Open gwern opened 8 years ago

gwern commented 8 years ago

Expanding my tag/image dataset further from Danbooru, my preprocessing step began to crash with the error:

Traceback (most recent call last):  File "prepro.py", line 241, in <module>
main(params)   File "prepro.py", line 162, in main
prepro_captions(imgs)   File 
"prepro.py", line 43, in prepro_captions
txt = str(s).lower().translate(None, string.punctuation).strip().split() UnicodeEncodeError: 'ascii' codec can't encode 
character u'\xd7' in position 21: ordinal not in range(128)

While no useful information is printed about which tag/JSON entry caused the problem, my guess is that one of the tags has some Unicode in it (probably a Japanese word or emoji) and neuraltalk2/prepro.py, like char-rnn, makes an ASCII-only assumption.

Using the first suggestion I found on StackOverflow, I tried tossing in some sort of iconv-like conversion step which renders Unicode in a longer ASCII form (I think that's what it does, anyway):

@@ -34,13 +34,13 @@ import numpy as np
 from scipy.misc import imread, imresize

 def prepro_captions(imgs):
-  
+
   # preprocess all the captions
   print 'example processed tokens:'
   for i,img in enumerate(imgs):
     img['processed_tokens'] = []
     for j,s in enumerate(img['captions']):
-      txt = str(s).lower().translate(None, string.punctuation).strip().split()
+      txt = s.encode('ascii', errors='backslashreplace').lower().translate(None, string.punctuation).strip().split()
       img['processed_tokens'].append(txt)
       if i < 10 and j == 0: print txt

Seems to work.

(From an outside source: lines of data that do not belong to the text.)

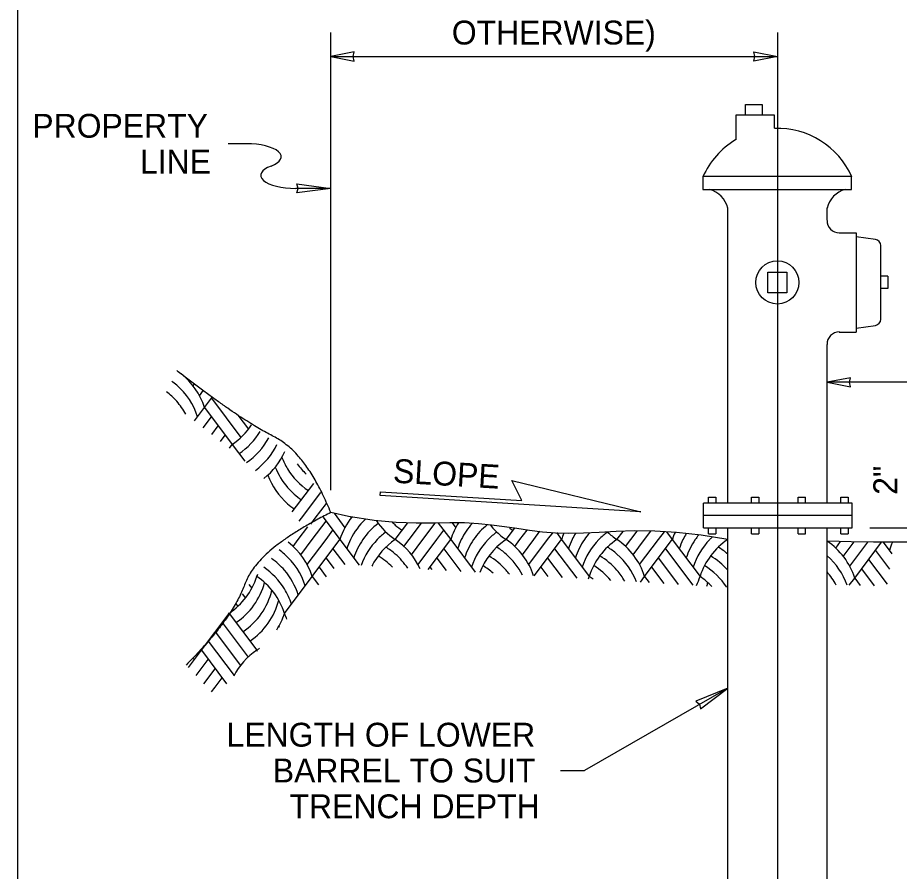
# Model space of a CAD drawing. Extents: x 99862 to 103151, y 100000 to 102076.
# Drawn here: x 99862 to 100453, y 100572 to 101144 of the extents above; entities that cross this region are included whole.
import ezdxf

# ---------------------------------------------------------------- set-up
doc = ezdxf.new("R2010")
doc.units = 0
for name, color, linetype in [('Level 1', 7, 'Continuous'), ('Level 14', 7, 'Continuous'), ('Level 15', 7, 'Continuous'), ('Level 18', 7, 'Continuous'), ('Level 20', 7, 'Continuous'), ('Level 28', 7, 'Continuous'), ('Level 3', 7, 'Continuous'), ('Level 6', 7, 'Continuous'), ('Level 8', 7, 'Continuous')]:
    doc.layers.add(name, color=color, linetype=linetype)

msp = doc.modelspace()

# ---------------------------------------------------------------- linework, layer by layer
at = {"layer": 'Level 1'}
msp.add_lwpolyline([(99862, 99999.5), (103151, 99999.5), (103151, 102075.5), (99862, 102075.5)], close=True, dxfattribs=at)
at = {"layer": 'Level 14'}
for p, q in [((100015.06, 101059.87), (100003.06, 101059.87)), ((100071.79, 101029.87), (100048.36, 101029.87))]:
    msp.add_line(p, q, dxfattribs=at)
msp.add_lwpolyline([(100071.79, 101029.87), (100048.97, 101026.89), (100050.02, 101029.87), (100048.96, 101032.86)], close=True, dxfattribs=at)
for centre, start_param, end_param in [((100015.23, 101051.09), 5.497747, 7.861127), ((100048.36, 101038.66), 2.356226, 4.712389)]:
    msp.add_ellipse(centre, major_axis=(23.43, 0), ratio=0.375, start_param=start_param, end_param=end_param, dxfattribs=at)
at = {"layer": 'Level 15'}
for p, q in [((100071.79, 100827.52), (100071.79, 101134.38)), ((100371.01, 101134.38), (100371.01, 100280.71)), ((100071.79, 101118.38), (100371.01, 101118.38)), ((100667.81, 100899.87), (100404.28, 100899.87)), ((100433.01, 100802.4), (100473.28, 100802.4)), ((100225.77, 100639.59), (100241.77, 100639.59))]:
    msp.add_line(p, q, dxfattribs=at)
for points in [[(100071.79, 101118.38), (100087.52, 101115.3), (100086.79, 101118.38), (100087.52, 101121.47)], [(100371.01, 101118.38), (100355.28, 101115.3), (100356.01, 101118.38), (100355.28, 101121.47)], [(100404.28, 100899.87), (100420.01, 100896.79), (100419.28, 100899.87), (100420.01, 100902.96)], [(100337.75, 100694.86), (100316.49, 100686.03), (100318.9, 100683.97), (100319.47, 100680.86)]]:
    msp.add_lwpolyline(points, close=True, dxfattribs=at)
msp.add_lwpolyline([(100337.75, 100694.86), (100241.77, 100639.59)], dxfattribs=at)
at = {"layer": 'Level 18'}
for p, q in [((100369.16, 101079.01), (100343.09, 101079.01)), ((100343.09, 101079.01), (100343.09, 101062.53)), ((100369.16, 101070.25), (100369.16, 101079.01)), ((100337.76, 100818.9), (100337.76, 101016.77)), ((100404.28, 101008.55), (100404.28, 101016.77)), ((100412.48, 101000.03), (100423.71, 101000.03)), ((100423.71, 101000.03), (100423.71, 100933.52)), ((100423.71, 100997.62), (100436.72, 100995.77)), ((100440.14, 100991.52), (100440.14, 100942.31)), ((100444.98, 100971.05), (100440.14, 100971.05)), ((100444.98, 100971.05), (100444.98, 100962.81)), ((100444.98, 100962.81), (100440.14, 100962.81)), ((100423.71, 100936.2), (100436.72, 100938.05)), ((100412.48, 100933.52), (100423.71, 100933.52)), ((100404.28, 100818.9), (100404.28, 100925.28)), ((100324.91, 100822.97), (100329.87, 100822.97)), ((100324.91, 100818.9), (100324.91, 100822.97)), ((100329.87, 100822.97), (100329.87, 100818.9)), ((100353.71, 100822.93), (100358.67, 100822.93)), ((100353.71, 100818.9), (100353.71, 100822.93)), ((100358.67, 100822.93), (100358.67, 100818.9)), ((100384.88, 100822.97), (100389.84, 100822.97)), ((100384.88, 100818.9), (100384.88, 100822.97)), ((100389.84, 100818.9), (100389.84, 100822.97)), ((100413.47, 100822.91), (100418.39, 100822.91)), ((100413.47, 100818.9), (100413.47, 100822.91)), ((100418.39, 100822.91), (100418.39, 100818.83)), ((100421.02, 100818.9), (100321.54, 100818.9)), ((100321.54, 100802.4), (100321.54, 100818.9)), ((100421.02, 100802.4), (100421.02, 100818.9)), ((100421.02, 100810.67), (100321.54, 100810.67)), ((100321.54, 100802.4), (100421.02, 100802.4)), ((100324.91, 100798.3), (100324.91, 100802.4)), ((100329.87, 100802.4), (100329.87, 100798.3)), ((100353.71, 100798.3), (100353.71, 100802.4)), ((100358.67, 100802.4), (100358.67, 100798.3)), ((100384.88, 100798.33), (100384.88, 100802.4)), ((100389.84, 100798.33), (100389.84, 100802.4)), ((100413.47, 100798.27), (100413.47, 100802.4)), ((100418.39, 100802.4), (100418.39, 100798.27)), ((100324.91, 100798.3), (100329.87, 100798.3)), ((100353.71, 100798.3), (100358.67, 100798.3)), ((100384.88, 100798.33), (100389.84, 100798.33)), ((100413.47, 100798.27), (100418.39, 100798.27))]:
    msp.add_line(p, q, dxfattribs=at)
msp.add_lwpolyline([(100349.73, 101079.01), (100349.73, 101086.22), (100360.92, 101086.22), (100360.92, 101079.01)], dxfattribs=at)
for points in [[(100420.74, 101029.26), (100420.74, 101037.77), (100320.98, 101037.77), (100320.98, 101029.26)], [(100364.62, 100959.85), (100364.62, 100973.7), (100377.38, 100973.7), (100377.38, 100959.85)]]:
    msp.add_lwpolyline(points, close=True, dxfattribs=at)
msp.add_circle((100371.01, 100966.85), 14.47, dxfattribs=at)
for centre, radius, start, end in [((100371.01, 101015.62), 54.54, 23.89556, 91.97586), ((100371.01, 101015.62), 54.54, 120.92859, 156.10444), ((100320.83, 101012.49), 17.46, 14.112, 73.77865), ((100421.2, 101012.49), 17.46, 106.22135, 165.888), ((100412.57, 101008.41), 8.31, 180, 270), ((100436.11, 100991.53), 4.16, 0, 81.50484), ((100436.11, 100942.18), 4.16, 278.49516, 0), ((100412.57, 100925.3), 8.31, 90, 180)]:
    msp.add_arc(centre, radius, start, end, dxfattribs=at)
at = {"layer": 'Level 28'}
for p, q in [((99974.44, 100903.12), (99974.62, 100903.36)), ((99979.53, 100897.54), (99980.62, 100898.99)), ((99983.84, 100890.9), (99986.62, 100894.62)), ((99987.18, 100882.99), (99992.63, 100890.25)), ((99991.82, 100889.17), (100011.56, 100862.85)), ((99980.41, 100873.96), (99987.18, 100882.99)), ((99987.18, 100882.99), (100005.74, 100858.24)), ((99986.28, 100869.4), (99991.82, 100876.8)), ((100009.54, 100877.92), (100016.66, 100868.43)), ((99992.14, 100864.85), (99996.46, 100870.61)), ((99998.01, 100860.3), (100001.1, 100864.42)), ((100003.87, 100855.75), (100005.74, 100858.24)), ((100005.74, 100858.24), (100014.2, 100846.97)), ((100050.51, 100843.68), (100050.7, 100843.93)), ((100046.01, 100812.93), (100060.37, 100832.08)), ((100052.15, 100808.74), (100065.08, 100825.99)), ((100061.43, 100808.74), (100068.84, 100818.63)), ((100073.99, 100812.03), (100081.24, 100802.36)), ((100050.65, 100806.74), (100052.15, 100808.74)), ((100058.37, 100804.66), (100061.43, 100808.74)), ((100059.34, 100794.45), (100068.62, 100806.82)), ((100066.71, 100809.37), (100077.9, 100794.45)), ((100085.05, 100809.66), (100085.55, 100809)), ((100115.02, 100794.45), (100123.36, 100805.57)), ((100124.3, 100794.45), (100132.49, 100805.36)), ((100133.58, 100794.45), (100141.85, 100805.46)), ((100143.86, 100805.49), (100152.14, 100794.45)), ((100153.05, 100805.61), (100155.49, 100802.36)), ((100050.06, 100794.45), (100056.51, 100803.05)), ((100068.62, 100794.45), (100073.26, 100800.63)), ((100142.86, 100794.45), (100147.5, 100800.63)), ((100189.27, 100794.45), (100194.87, 100801.91)), ((100198.55, 100794.45), (100203.28, 100800.76)), ((100207.83, 100794.45), (100211.97, 100799.96)), ((100217.11, 100794.45), (100220.72, 100799.26)), ((100222.92, 100799.08), (100226.39, 100794.45)), ((100263.51, 100794.45), (100267.63, 100799.94)), ((100272.79, 100794.45), (100276.97, 100800.02)), ((100282.07, 100794.45), (100286.26, 100800.03)), ((100291.35, 100794.45), (100295.28, 100799.68)), ((100296.78, 100799.59), (100300.63, 100794.45)), ((100046.59, 100789.83), (100050.06, 100794.45)), ((100051.69, 100784.25), (100059.34, 100794.45)), ((100056, 100777.62), (100068.62, 100794.45)), ((100059.34, 100769.7), (100077.9, 100794.45)), ((100077.9, 100794.45), (100090.85, 100777.18)), ((100120.84, 100789.83), (100124.3, 100794.45)), ((100125.94, 100784.25), (100133.58, 100794.45)), ((100130.24, 100777.62), (100142.86, 100794.45)), ((100137.12, 100774.41), (100152.14, 100794.45)), ((100152.14, 100794.45), (100168.58, 100772.53)), ((100195.08, 100789.83), (100198.55, 100794.45)), ((100200.18, 100784.25), (100207.83, 100794.45)), ((100204.49, 100777.62), (100217.11, 100794.45)), ((100208.17, 100770.16), (100226.39, 100794.45)), ((100226.39, 100794.45), (100244.95, 100769.7)), ((100269.33, 100789.83), (100272.79, 100794.45)), ((100274.43, 100784.25), (100282.07, 100794.45)), ((100278.73, 100777.62), (100291.35, 100794.45)), ((100282.07, 100769.7), (100300.63, 100794.45)), ((100300.63, 100794.45), (100319.2, 100769.7)), ((100410.1, 100788.75), (100413.34, 100793.08)), ((100415.2, 100783.18), (100422.43, 100792.82)), ((100419.5, 100776.54), (100431.63, 100792.72)), ((100422.84, 100768.62), (100440.84, 100792.61)), ((100441.98, 100792.6), (100447.75, 100784.91)), ((100073.26, 100788.26), (100081.13, 100777.76)), ((100147.5, 100788.26), (100158.87, 100773.11)), ((100221.75, 100788.26), (100236.6, 100768.46)), ((100295.99, 100788.26), (100314.34, 100763.8)), ((100436.76, 100787.19), (100446.15, 100774.67)), ((100068.62, 100782.07), (100073.9, 100775.04)), ((100142.86, 100782.07), (100149.15, 100773.69)), ((100217.11, 100782.07), (100226.89, 100769.04)), ((100291.35, 100782.07), (100304.62, 100764.38)), ((100432.12, 100781), (100444.54, 100764.44)), ((100063.98, 100775.89), (100068.76, 100769.51)), ((100138.22, 100775.89), (100139.43, 100774.27)), ((100212.47, 100775.89), (100217.17, 100769.62)), ((100286.71, 100775.89), (100294.9, 100764.97)), ((100427.48, 100774.81), (100435.95, 100763.52)), ((100021.86, 100770.18), (100022.22, 100769.7)), ((100040.78, 100744.95), (100059.34, 100769.7)), ((100059.34, 100769.7), (100063.62, 100763.99)), ((100279.23, 100765.9), (100282.07, 100769.7)), ((100282.07, 100769.7), (100285.19, 100765.55)), ((100016.98, 100764.3), (100018.87, 100761.78)), ((100419.22, 100763.8), (100422.84, 100768.62)), ((100422.84, 100768.62), (100426.56, 100763.67)), ((100012.43, 100757.99), (100014.57, 100755.15)), ((100007.89, 100751.68), (100009.47, 100749.57)), ((100003.34, 100745.37), (100003.65, 100744.95)), ((99985.09, 100720.2), (100003.65, 100744.95)), ((100003.65, 100744.95), (100022.22, 100720.2)), ((99999.01, 100738.76), (100016.4, 100715.58)), ((99994.37, 100732.58), (100011.3, 100710)), ((99989.73, 100726.39), (100007, 100703.37)), ((99976.47, 100708.71), (99985.09, 100720.2)), ((99985.09, 100720.2), (100001.94, 100697.73)), ((99981.65, 100703.23), (99989.73, 100714.01)), ((99986.82, 100697.76), (99994.37, 100707.83)), ((99994.37, 100695.45), (99999.01, 100701.64)), ((99991.99, 100692.28), (99994.37, 100695.45))]:
    msp.add_line(p, q, dxfattribs=at)
for centre, start, end in [((99994.82, 100868.75), 123.90404, 123.90495), ((99942.42, 100868.75), 56.08421, 56.09573), ((99942.42, 100868.75), 17.6434, 51.76701), ((99937.78, 100862.56), 48.95968, 54.26438), ((99933.14, 100856.37), 40.94134, 52.42136), ((99937.78, 100862.56), 17.6434, 48.95975), ((99933.14, 100856.37), 28.06951, 40.94141), ((99979.54, 100897.22), 303.90361, 326.44558), ((99984.18, 100891.04), 303.90361, 329.21926), ((99988.82, 100884.85), 304.27416, 331.76659), ((99993.46, 100878.66), 306.34246, 334.24492), ((99998.1, 100872.47), 308.01718, 336.01166), ((100082.99, 100866.29), 200.87781, 211.33197), ((100078.35, 100860.1), 201.43438, 220.94161), ((100082.99, 100866.29), 211.33188, 236.09639), ((100087.63, 100872.47), 215.44432, 226.55916), ((100073.71, 100853.91), 200.24322, 228.95992), ((100078.35, 100860.1), 220.94154, 236.09639), ((100073.71, 100853.91), 228.95986, 236.09639), ((100122.66, 100780.21), 141.39378, 162.3566), ((100127.3, 100774.02), 133.46987, 154.2266), ((100131.94, 100767.84), 127.1006, 145.49109), ((100141.22, 100833.43), 214.14534, 236.09639), ((100145.86, 100839.62), 225.51765, 228.95992), ((100196.91, 100780.21), 147.26638, 162.3566), ((100201.55, 100774.02), 138.21479, 154.2266), ((100206.19, 100767.84), 128.96048, 145.49109), ((100136.58, 100761.65), 126.331, 135.71278), ((100145.86, 100839.62), 228.95986, 236.09639), ((100210.83, 100761.65), 126.331, 135.71278), ((100215.47, 100833.43), 218.64568, 230.83364), ((100220.11, 100839.62), 232.46241, 236.09639), ((100271.15, 100780.21), 156.85489, 162.3566), ((100275.79, 100774.02), 148.48666, 154.2266), ((100280.43, 100767.84), 138.49582, 145.49109), ((100285.07, 100761.65), 126.36274, 135.71278), ((100289.71, 100833.43), 226.29606, 236.09639), ((100345.4, 100780.21), 156.05062, 162.3566), ((100350.04, 100774.02), 148.61433, 154.2266), ((100014.58, 100755.46), 17.6434, 52.22548), ((100127.3, 100774.02), 154.22654, 162.3566), ((100131.94, 100767.84), 145.49102, 162.3566), ((100136.58, 100761.65), 135.71269, 160.79455), ((100141.22, 100755.46), 123.90361, 153.15099), ((100088.82, 100755.46), 24.23123, 56.09634), ((100201.55, 100774.02), 154.22654, 162.3566), ((100206.19, 100767.84), 145.49102, 162.3566), ((100210.83, 100761.65), 135.71269, 162.3566), ((100215.47, 100755.46), 124.95971, 158.93313), ((100215.47, 100833.43), 230.83364, 236.09639), ((100215.47, 100755.46), 123.90361, 124.95971), ((100163.07, 100755.46), 18.27197, 56.09634), ((100275.79, 100774.02), 154.22654, 162.3566), ((100280.43, 100767.84), 145.49102, 162.3566), ((100285.07, 100761.65), 135.71269, 162.3566), ((100289.71, 100755.46), 123.90361, 162.3566), ((100237.31, 100755.46), 17.6434, 56.09634), ((100350.04, 100774.02), 154.22654, 162.3566), ((100354.68, 100767.84), 145.49102, 162.3566), ((100359.32, 100761.65), 135.71269, 162.3566), ((100354.68, 100767.84), 141.09014, 145.49109), ((100363.96, 100755.46), 123.9045, 162.3566), ((100359.32, 100761.65), 133.01819, 135.71278), ((100363.96, 100755.46), 123.90361, 123.9045), ((100430.48, 100754.39), 123.90361, 123.90451), ((100378.08, 100754.39), 56.09552, 56.09634), ((100378.08, 100754.39), 17.6434, 56.09552), ((100490.81, 100772.95), 155.27178, 162.3566), ((100009.94, 100749.27), 48.95968, 54.40953), ((100084.18, 100749.27), 48.95968, 58.54646), ((100158.43, 100749.27), 48.95968, 58.54646), ((100232.67, 100749.27), 48.95968, 58.54646), ((100306.92, 100749.27), 48.96078, 58.54646), ((100005.3, 100743.09), 40.94134, 55.21207), ((100009.94, 100749.27), 17.6434, 48.95975), ((100079.54, 100743.09), 44.21699, 59.30215), ((100084.18, 100749.27), 33.55655, 48.95975), ((100153.79, 100743.09), 40.94134, 59.30215), ((100158.43, 100749.27), 27.04515, 48.95975), ((100228.03, 100743.09), 40.94134, 59.30215), ((100232.67, 100749.27), 20.94461, 48.95975), ((100302.28, 100743.09), 40.9426, 59.30215), ((100373.44, 100748.2), 19.4248, 48.95975), ((100000.66, 100736.9), 31.33163, 56.01598), ((100074.9, 100736.9), 57.77943, 58.48737), ((100149.15, 100736.9), 48.00745, 58.48737), ((100223.39, 100736.9), 39.99999, 58.48737), ((100297.64, 100736.9), 32.94061, 58.48737), ((99977.45, 100783.94), 303.90361, 342.3566), ((100066.98, 100755.46), 160.53199, 162.3566), ((99996.02, 100730.71), 17.6434, 56.09639), ((100005.3, 100743.09), 17.6434, 40.94141), ((100153.79, 100743.09), 36.70183, 40.94141), ((100200.19, 100783.94), 340.15732, 342.3566), ((100218.75, 100730.71), 52.14305, 56.09639), ((100228.03, 100743.09), 29.94292, 40.94141), ((100274.43, 100783.94), 334.42061, 342.3566), ((100293, 100730.71), 43.48895, 56.09639), ((100368.8, 100742.01), 27.83434, 40.94141), ((99982.09, 100777.75), 303.90361, 345.01126), ((100279.07, 100777.75), 342.00735, 345.01126), ((99986.73, 100771.56), 303.90361, 346.31988), ((100000.65, 100736.9), 17.6434, 31.33172), ((99991.38, 100765.37), 303.90361, 345.77133), ((99996.02, 100759.19), 327.39306, 342.3566), ((100085.54, 100759.19), 197.64354, 202.76467), ((100080.9, 100753), 200.87781, 201.66302), ((100011.29, 100759.19), 236.03653, 236.09639), ((100048.42, 100681.22), 123.90361, 152.51833), ((99996.02, 100759.19), 303.90361, 306.71404), ((100066.98, 100734.44), 197.6434, 198.29794), ((100006.65, 100753), 234.84855, 236.09639)]:
    msp.add_arc(centre, 46.97, start, end, dxfattribs=at)
at = {"layer": 'Level 3'}
msp.add_lwpolyline([(100105.03, 100826.45), (100199.82, 100820.53), (100193.17, 100833.93), (100279.53, 100813.08), (100104.87, 100823.98)], close=True, dxfattribs=at)
at = {"layer": 'Level 6'}
for p, q in [((100337.76, 100510.87), (100337.76, 100802.4)), ((100404.28, 100510.87), (100404.28, 100802.4))]:
    msp.add_line(p, q, dxfattribs=at)
at = {"layer": 'Level 8'}
for points in [[(100337.76, 100794.45), (100319.94, 100797.35), (100303.47, 100799.22), (100288.82, 100800.03), (100275.26, 100800.27), (100263.04, 100799.75), (100251.61, 100799.22), (100241.22, 100798.7), (100231.38, 100798.4), (100222.34, 100798.7), (100213.56, 100799.47), (100205.04, 100800.52), (100196.53, 100801.88), (100188.29, 100802.96), (100179.51, 100804.01), (100170.76, 100805.08), (100161.41, 100805.61), (100151.61, 100805.61), (100140.97, 100805.36), (100129.01, 100805.36), (100115.68, 100805.86), (100100.78, 100807.21), (100083.77, 100809.86), (100071.79, 100812.52)], [(100461.72, 100792.6), (100448.96, 100792.6), (100435.39, 100792.6), (100420.49, 100792.85), (100404.28, 100793.37)]]:
    msp.add_lwpolyline(points, dxfattribs=at)
for points in [[(100071.79, 100812.52), (100055.86, 100852.42), (100010.66, 100875), (99968.62, 100907.73)], [(100071.79, 100812.52), (100022.64, 100788.06), (100005.93, 100741.37), (99974.94, 100710.32)]]:
    msp.add_open_spline(points, degree=2, dxfattribs=at)

# ---------------------------------------------------------------- texts
at = {"layer": 'Level 20'}
for s, p in [('OTHERWISE)', (100152.88, 101126.38)), ('PROPERTY', (99871.82, 101063.87)), ('LINE', (99943.96, 101039.87)), ('LENGTH OF LOWER', (100001.93, 100655.59)), ('BARREL TO SUIT', (100032.95, 100631.59)), ('TRENCH DEPTH', (100044.15, 100607.59))]:
    msp.add_text(s, height=16, dxfattribs=at).set_placement(p)
for s, rotation, p in [('SLOPE', 356.67688, (100113.23, 100832.65)), ('2"', 90, (100451.29, 100824.46))]:
    msp.add_text(s, height=16, rotation=rotation, dxfattribs=at).set_placement(p)

doc.saveas('drawing.dxf')

Maybe some version of that could be added?

karpathy commented 8 years ago

ahhh, unicode hassles... thanks for reporting this. I'd rather find which part of the code assumes ascii and fix it to work with unicodes. I'm on vacation right now but when I get back I could try to hunt around a bit. The problem we had with this strategy (and the thing to watch out for) in char-rnn is that unicode support made the code much slower, and the memory footprint much larger, etc. It's not clear if we'd run into the same problems here.

gwern commented 8 years ago

I would guess not, because isn't that the point of parsing the captions into individual words and then creating a word->bit mapping vocabulary? Actually, I've been wondering for a while: did you ever try putting char-rnn rather than a word-level rnn on top of neuraltalk2, or is Coco not big enough to train that too?

karpathy commented 8 years ago

Good point, neuraltalk2 works mostly on level of indices and the main script isn't too aware of the mappings. I also wrote the code specifically in such a way that character-level extensions would be easy in the future. I haven't actually tried this for lack of time, but in principle this should require a very small change in the prepro python file, where instead of splitting sentence tokens by space you split by each character. The only thing to worry about is that by default the max_seq_length is 16, but in this case you'd want that to be quite a bit higher. But in principle nothing preventing it, and the train script should be indifferent, all it sees are images and sequences of integers.